# Brauche Hilfe bei eps Datei



## Jens_vd_Schildbur (6. Februar 2014)

Hallo Leute, 
Ich habe eine Frage und hoffe das mir hier jemand helfen kann...

Ich habe kürzlich das Wappen meiner Familie digitalisieren und Vektorisieren lassen (man muss ja mit der Zeit gehen)
und nun wird mir die eps Datei nicht korrekt angezeigt. 

Der Grafiker behauptet dies könnte an meinem Betrachtungsprogramm oder aber an meinem Rechner liegen.

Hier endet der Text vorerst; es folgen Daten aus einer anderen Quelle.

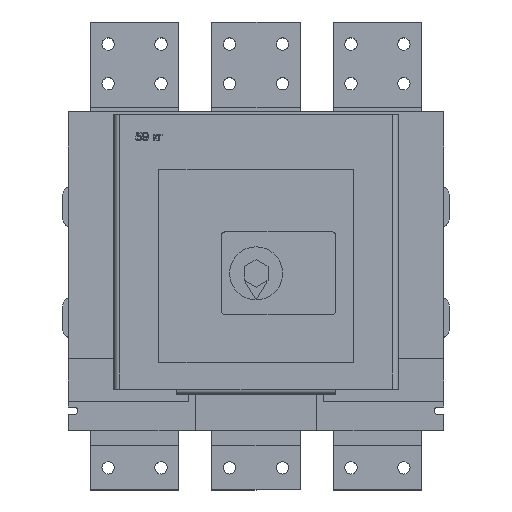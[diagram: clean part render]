
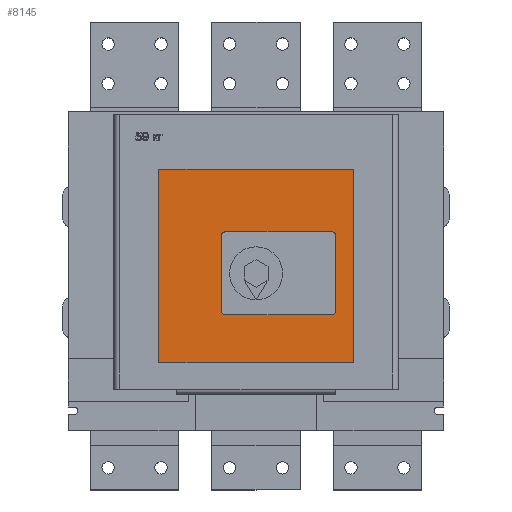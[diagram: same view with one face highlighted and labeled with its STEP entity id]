
A CAD part, top view. The second image highlights one B-rep face of the part: STEP entity #8145.
In plain terms, the highlighted planar face has unit normal (0, 0, 1).
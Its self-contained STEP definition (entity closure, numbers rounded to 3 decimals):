
#5 = DIRECTION ( 'NONE',  ( 0., 1., 0. ) ) ;
#96 = EDGE_CURVE ( 'NONE', #3888, #7776, #2406, .T. ) ;
#125 = CIRCLE ( 'NONE', #9118, 5. ) ;
#171 = DIRECTION ( 'NONE',  ( -1., 0., 0. ) ) ;
#187 = ORIENTED_EDGE ( 'NONE', *, *, #3666, .F. ) ;
#259 = AXIS2_PLACEMENT_3D ( 'NONE', #7484, #3052, #8218 ) ;
#296 = EDGE_CURVE ( 'NONE', #5055, #6750, #1804, .T. ) ;
#299 = DIRECTION ( 'NONE',  ( 0., -1., 0. ) ) ;
#301 = ORIENTED_EDGE ( 'NONE', *, *, #4115, .F. ) ;
#314 = ORIENTED_EDGE ( 'NONE', *, *, #96, .F. ) ;
#364 = ORIENTED_EDGE ( 'NONE', *, *, #9331, .F. ) ;
#585 = CARTESIAN_POINT ( 'NONE',  ( 298.1, 225., 266.8 ) ) ;
#612 = VERTEX_POINT ( 'NONE', #8274 ) ;
#630 = CARTESIAN_POINT ( 'NONE',  ( 102.6, 77., 266.8 ) ) ;
#654 = VERTEX_POINT ( 'NONE', #3884 ) ;
#657 = CARTESIAN_POINT ( 'NONE',  ( 322.6, 77., 266.8 ) ) ;
#706 = CARTESIAN_POINT ( 'NONE',  ( 178.1, 131., 266.8 ) ) ;
#889 = CIRCLE ( 'NONE', #259, 5. ) ;
#921 = ORIENTED_EDGE ( 'NONE', *, *, #3213, .F. ) ;
#1424 = VERTEX_POINT ( 'NONE', #585 ) ;
#1426 = DIRECTION ( 'NONE',  ( -1., 0., 0. ) ) ;
#1577 = CARTESIAN_POINT ( 'NONE',  ( 322.6, 296., 266.8 ) ) ;
#1614 = VECTOR ( 'NONE', #3936, 1000. ) ;
#1666 = ORIENTED_EDGE ( 'NONE', *, *, #6546, .F. ) ;
#1684 = CARTESIAN_POINT ( 'NONE',  ( 0., 0., 266.8 ) ) ;
#1688 = CARTESIAN_POINT ( 'NONE',  ( 173.1, 220., 266.8 ) ) ;
#1804 = LINE ( 'NONE', #630, #1614 ) ;
#2110 = CARTESIAN_POINT ( 'NONE',  ( 322.6, 77., 266.8 ) ) ;
#2198 = LINE ( 'NONE', #1577, #2466 ) ;
#2361 = VECTOR ( 'NONE', #3186, 1000. ) ;
#2406 = LINE ( 'NONE', #706, #2361 ) ;
#2466 = VECTOR ( 'NONE', #171, 1000. ) ;
#2528 = VERTEX_POINT ( 'NONE', #5779 ) ;
#2590 = EDGE_CURVE ( 'NONE', #7776, #3113, #4029, .T. ) ;
#2779 = DIRECTION ( 'NONE',  ( 1., 0., 0. ) ) ;
#2803 = DIRECTION ( 'NONE',  ( 0., 1., 0. ) ) ;
#2815 = ORIENTED_EDGE ( 'NONE', *, *, #6001, .F. ) ;
#2919 = DIRECTION ( 'NONE',  ( 0., 0., 1. ) ) ;
#2969 = ORIENTED_EDGE ( 'NONE', *, *, #296, .T. ) ;
#3012 = CARTESIAN_POINT ( 'NONE',  ( 298.1, 136., 266.8 ) ) ;
#3052 = DIRECTION ( 'NONE',  ( 0., 0., 1. ) ) ;
#3081 = ORIENTED_EDGE ( 'NONE', *, *, #4802, .T. ) ;
#3113 = VERTEX_POINT ( 'NONE', #7878 ) ;
#3144 = DIRECTION ( 'NONE',  ( 0., 0., 1. ) ) ;
#3186 = DIRECTION ( 'NONE',  ( 1., 0., 0. ) ) ;
#3213 = EDGE_CURVE ( 'NONE', #5086, #3888, #4043, .T. ) ;
#3301 = VECTOR ( 'NONE', #2779, 1000. ) ;
#3561 = DIRECTION ( 'NONE',  ( 0., 0., 1. ) ) ;
#3602 = EDGE_CURVE ( 'NONE', #6750, #4039, #5766, .T. ) ;
#3666 = EDGE_CURVE ( 'NONE', #1424, #612, #4460, .T. ) ;
#3689 = DIRECTION ( 'NONE',  ( 0., 0., 1. ) ) ;
#3884 = CARTESIAN_POINT ( 'NONE',  ( 322.6, 296., 266.8 ) ) ;
#3888 = VERTEX_POINT ( 'NONE', #7572 ) ;
#3936 = DIRECTION ( 'NONE',  ( 0., -1., 0. ) ) ;
#4029 = CIRCLE ( 'NONE', #5279, 5. ) ;
#4039 = VERTEX_POINT ( 'NONE', #8739 ) ;
#4043 = CIRCLE ( 'NONE', #8929, 5. ) ;
#4085 = AXIS2_PLACEMENT_3D ( 'NONE', #1684, #3144, #8317 ) ;
#4115 = EDGE_CURVE ( 'NONE', #6819, #1424, #125, .T. ) ;
#4367 = EDGE_LOOP ( 'NONE', ( #301, #364, #8382, #314, #921, #2815, #1666, #187 ) ) ;
#4460 = LINE ( 'NONE', #6551, #5834 ) ;
#4745 = VECTOR ( 'NONE', #299, 1000. ) ;
#4801 = LINE ( 'NONE', #1688, #4745 ) ;
#4802 = EDGE_CURVE ( 'NONE', #654, #5055, #2198, .T. ) ;
#4822 = CARTESIAN_POINT ( 'NONE',  ( 298.1, 131., 266.8 ) ) ;
#4856 = EDGE_LOOP ( 'NONE', ( #5847, #3081, #2969, #9154 ) ) ;
#4880 = CARTESIAN_POINT ( 'NONE',  ( 102.6, 77., 266.8 ) ) ;
#5055 = VERTEX_POINT ( 'NONE', #9226 ) ;
#5086 = VERTEX_POINT ( 'NONE', #6281 ) ;
#5158 = VECTOR ( 'NONE', #2803, 1000. ) ;
#5181 = LINE ( 'NONE', #9418, #5158 ) ;
#5246 = EDGE_CURVE ( 'NONE', #4039, #654, #9348, .T. ) ;
#5279 = AXIS2_PLACEMENT_3D ( 'NONE', #3012, #3689, #7378 ) ;
#5766 = LINE ( 'NONE', #657, #3301 ) ;
#5779 = CARTESIAN_POINT ( 'NONE',  ( 173.1, 220., 266.8 ) ) ;
#5834 = VECTOR ( 'NONE', #1426, 1000. ) ;
#5847 = ORIENTED_EDGE ( 'NONE', *, *, #5246, .T. ) ;
#6001 = EDGE_CURVE ( 'NONE', #2528, #5086, #4801, .T. ) ;
#6281 = CARTESIAN_POINT ( 'NONE',  ( 173.1, 136., 266.8 ) ) ;
#6496 = CARTESIAN_POINT ( 'NONE',  ( 303.1, 220., 266.8 ) ) ;
#6546 = EDGE_CURVE ( 'NONE', #612, #2528, #889, .T. ) ;
#6551 = CARTESIAN_POINT ( 'NONE',  ( 298.1, 225., 266.8 ) ) ;
#6750 = VERTEX_POINT ( 'NONE', #4880 ) ;
#6819 = VERTEX_POINT ( 'NONE', #6496 ) ;
#6844 = PLANE ( 'NONE',  #4085 ) ;
#7258 = FACE_OUTER_BOUND ( 'NONE', #4856, .T. ) ;
#7269 = FACE_BOUND ( 'NONE', #4367, .T. ) ;
#7346 = CARTESIAN_POINT ( 'NONE',  ( 298.1, 220., 266.8 ) ) ;
#7378 = DIRECTION ( 'NONE',  ( 1., 0., 0. ) ) ;
#7484 = CARTESIAN_POINT ( 'NONE',  ( 178.1, 220., 266.8 ) ) ;
#7527 = VECTOR ( 'NONE', #5, 1000. ) ;
#7572 = CARTESIAN_POINT ( 'NONE',  ( 178.1, 131., 266.8 ) ) ;
#7776 = VERTEX_POINT ( 'NONE', #4822 ) ;
#7878 = CARTESIAN_POINT ( 'NONE',  ( 303.1, 136., 266.8 ) ) ;
#8013 = CARTESIAN_POINT ( 'NONE',  ( 178.1, 136., 266.8 ) ) ;
#8076 = DIRECTION ( 'NONE',  ( 1., 0., 0. ) ) ;
#8145 = ADVANCED_FACE ( 'NONE', ( #7269, #7258 ), #6844, .T. ) ;
#8218 = DIRECTION ( 'NONE',  ( 1., 0., 0. ) ) ;
#8274 = CARTESIAN_POINT ( 'NONE',  ( 178.1, 225., 266.8 ) ) ;
#8317 = DIRECTION ( 'NONE',  ( 1., 0., 0. ) ) ;
#8382 = ORIENTED_EDGE ( 'NONE', *, *, #2590, .F. ) ;
#8739 = CARTESIAN_POINT ( 'NONE',  ( 322.6, 77., 266.8 ) ) ;
#8775 = DIRECTION ( 'NONE',  ( 1., 0., 0. ) ) ;
#8929 = AXIS2_PLACEMENT_3D ( 'NONE', #8013, #3561, #8775 ) ;
#9118 = AXIS2_PLACEMENT_3D ( 'NONE', #7346, #2919, #8076 ) ;
#9154 = ORIENTED_EDGE ( 'NONE', *, *, #3602, .T. ) ;
#9226 = CARTESIAN_POINT ( 'NONE',  ( 102.6, 296., 266.8 ) ) ;
#9331 = EDGE_CURVE ( 'NONE', #3113, #6819, #5181, .T. ) ;
#9348 = LINE ( 'NONE', #2110, #7527 ) ;
#9418 = CARTESIAN_POINT ( 'NONE',  ( 303.1, 136., 266.8 ) ) ;
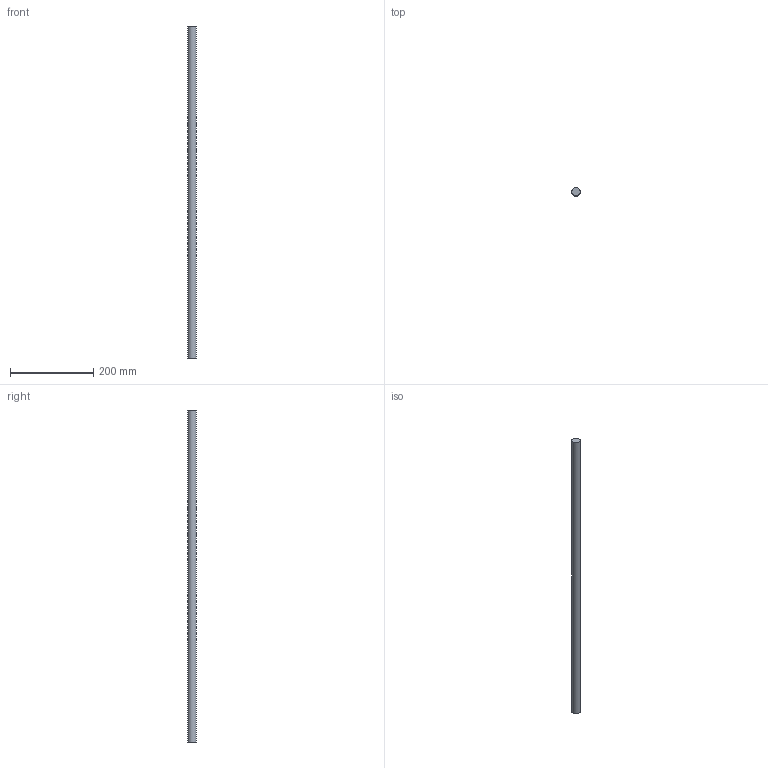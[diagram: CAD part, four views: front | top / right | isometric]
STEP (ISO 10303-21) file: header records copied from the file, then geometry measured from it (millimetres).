
FILE_DESCRIPTION(/* description */ (''),/* implementation_level */ '2;1');
FILE_NAME(/* name */ 'C:\Users\David\Desktop\stepFiles\Profilfuehrung\WF20x800.stp',/* time_stamp */ '2018-06-24T15:49:03+02:00',/* author */ ('David'),/* organization */ (''),/* preprocessor_version */ 'ST-DEVELOPER v17',/* originating_system */ 'Autodesk Inventor 2019',/* authorisation */ '');
FILE_SCHEMA (('AUTOMOTIVE_DESIGN { 1 0 10303 214 3 1 1 }'));
Length unit declared in the file: millimetre
Products named in the file (1): Wellenfuehrung
Bounding box: 20 x 20 x 800 mm (x, y, z)
Volume: 251327.4 mm3; surface area: 50893.8 mm2
Topology: 1 solids, 1 shells, 3 faces, 3 edges, 2 vertices
Faces by surface type: plane 2, cylinder 1
Full cylindrical faces by diameter (mm): 20 x1
Entity records: 98 total; most frequent: DIRECTION 13, CARTESIAN_POINT 9, ORIENTED_EDGE 6, AXIS2_PLACEMENT_3D 6, FACE_OUTER_BOUND 3, EDGE_LOOP 3, EDGE_CURVE 3, ADVANCED_FACE 3
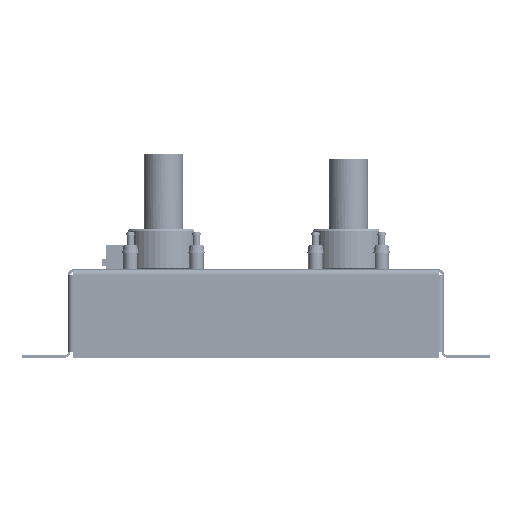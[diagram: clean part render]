
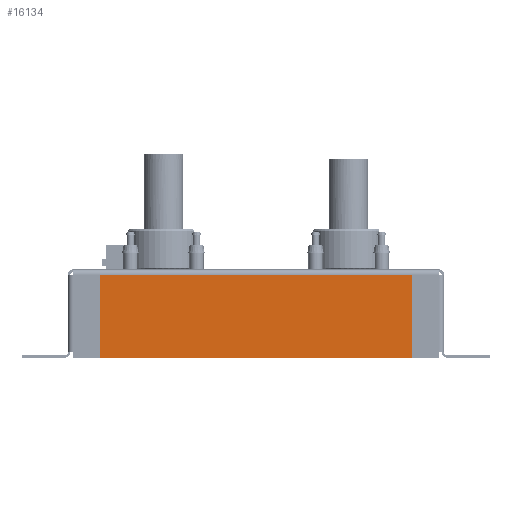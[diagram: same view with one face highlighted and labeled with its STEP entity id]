
A CAD part, left-side view. The second image highlights one B-rep face of the part: STEP entity #16134.
In plain terms, the highlighted planar face has unit normal (-1, 0, 0).
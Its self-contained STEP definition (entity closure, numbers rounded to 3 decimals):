
#794 = VERTEX_POINT ( 'NONE', #34175 ) ;
#5284 = ORIENTED_EDGE ( 'NONE', *, *, #34389, .T. ) ;
#5724 = VECTOR ( 'NONE', #57398, 1000. ) ;
#10714 = AXIS2_PLACEMENT_3D ( 'NONE', #70244, #50870, #18939 ) ;
#12635 = DIRECTION ( 'NONE',  ( 0., 0., 1. ) ) ;
#13014 = LINE ( 'NONE', #25922, #5724 ) ;
#16134 = ADVANCED_FACE ( 'NONE', ( #84004 ), #39193, .F. ) ;
#16557 = LINE ( 'NONE', #42839, #40821 ) ;
#18939 = DIRECTION ( 'NONE',  ( 0., 1., 0. ) ) ;
#21469 = EDGE_CURVE ( 'NONE', #73215, #24934, #16557, .T. ) ;
#21726 = LINE ( 'NONE', #29451, #51940 ) ;
#24681 = CARTESIAN_POINT ( 'NONE',  ( 793.395, 258.542, -260.596 ) ) ;
#24934 = VERTEX_POINT ( 'NONE', #77565 ) ;
#25922 = CARTESIAN_POINT ( 'NONE',  ( 793.395, 172.709, -259.007 ) ) ;
#27773 = ORIENTED_EDGE ( 'NONE', *, *, #30325, .F. ) ;
#28324 = CARTESIAN_POINT ( 'NONE',  ( 793.395, 172.709, -260.596 ) ) ;
#29451 = CARTESIAN_POINT ( 'NONE',  ( 793.395, 270.154, -241.796 ) ) ;
#30325 = EDGE_CURVE ( 'NONE', #54544, #73215, #57427, .T. ) ;
#34175 = CARTESIAN_POINT ( 'NONE',  ( 793.395, 172.709, -241.796 ) ) ;
#34389 = EDGE_CURVE ( 'NONE', #54544, #794, #13014, .T. ) ;
#36494 = ORIENTED_EDGE ( 'NONE', *, *, #65484, .F. ) ;
#37918 = CARTESIAN_POINT ( 'NONE',  ( 793.395, 255.709, -260.596 ) ) ;
#39193 = PLANE ( 'NONE',  #10714 ) ;
#40821 = VECTOR ( 'NONE', #12635, 1000. ) ;
#42839 = CARTESIAN_POINT ( 'NONE',  ( 793.395, 255.709, -275.219 ) ) ;
#50870 = DIRECTION ( 'NONE',  ( 1., 0., 0. ) ) ;
#51393 = DIRECTION ( 'NONE',  ( 0., 1., 0. ) ) ;
#51940 = VECTOR ( 'NONE', #60919, 1000. ) ;
#54289 = ORIENTED_EDGE ( 'NONE', *, *, #21469, .F. ) ;
#54544 = VERTEX_POINT ( 'NONE', #28324 ) ;
#57398 = DIRECTION ( 'NONE',  ( 0., 0., 1. ) ) ;
#57427 = LINE ( 'NONE', #24681, #83516 ) ;
#60919 = DIRECTION ( 'NONE',  ( 0., -1., 0. ) ) ;
#65484 = EDGE_CURVE ( 'NONE', #24934, #794, #21726, .T. ) ;
#70244 = CARTESIAN_POINT ( 'NONE',  ( 793.395, 350.659, -266.218 ) ) ;
#73215 = VERTEX_POINT ( 'NONE', #37918 ) ;
#77565 = CARTESIAN_POINT ( 'NONE',  ( 793.395, 255.709, -241.796 ) ) ;
#77918 = EDGE_LOOP ( 'NONE', ( #54289, #27773, #5284, #36494 ) ) ;
#83516 = VECTOR ( 'NONE', #51393, 1000. ) ;
#84004 = FACE_OUTER_BOUND ( 'NONE', #77918, .T. ) ;

Jetzt suche ich nach einer Möglichkeit die Grafik von anderen beurteilen zu lassen damit ich weiß das es auch wirklich an meinem System liegt und nicht am Grafiker. 

würde sich jemand die eps Datei bitte einmal anschauen und mir sagen was er sieht ?

PS :
eps kann ich leider nicht im Forum hochladen aber wenn mir jemand helfen kann, dann schick ich die Datei per email


----------



## Jan-Frederik Stieler (7. Februar 2014)

Hallo,
du kannst mir gerne deine Datei mal schicken damit ich mir die anschaue.
EPS-Dateien können Probleme machen, das kann aber wie der Grafiker schon sagt auch an deinem Programm liegen. 
Welches Programm verwendest du den zum betrachten und was genau ist das Problem bei der Darstellung?

Grüße


----------



## Jens_vd_Schildbur (7. Februar 2014)

Ist gut, ich schicke dir die Datei kurz rüber dann kannst du sie überprüfen. 
Das würde mir wirklich helfen.

Das Problem das ich habe ist, dass das Wappen nicht farblich korrekt angezeigt wird. Das obere Drittel ist komplett schwarz und damit absolut nicht als Druckvorlage oder ähnlichem zu gebrauchen.

Ich nutze allerdings lediglich Freeware Programme wie XnViewer, Inkscape und IrfanView da ich mich leider zu wenig mit Grafiken auskenne um in ein teures Programm zu investieren.

Ich schicke dir die Datei jetzt schnell rüber.

Vielen Dank schon einmal im Vorraus


----------



## Jens_vd_Schildbur (7. Februar 2014)

So, Datei ist abgeschickt und sollte hoffentlich demnächst ankommen.


----------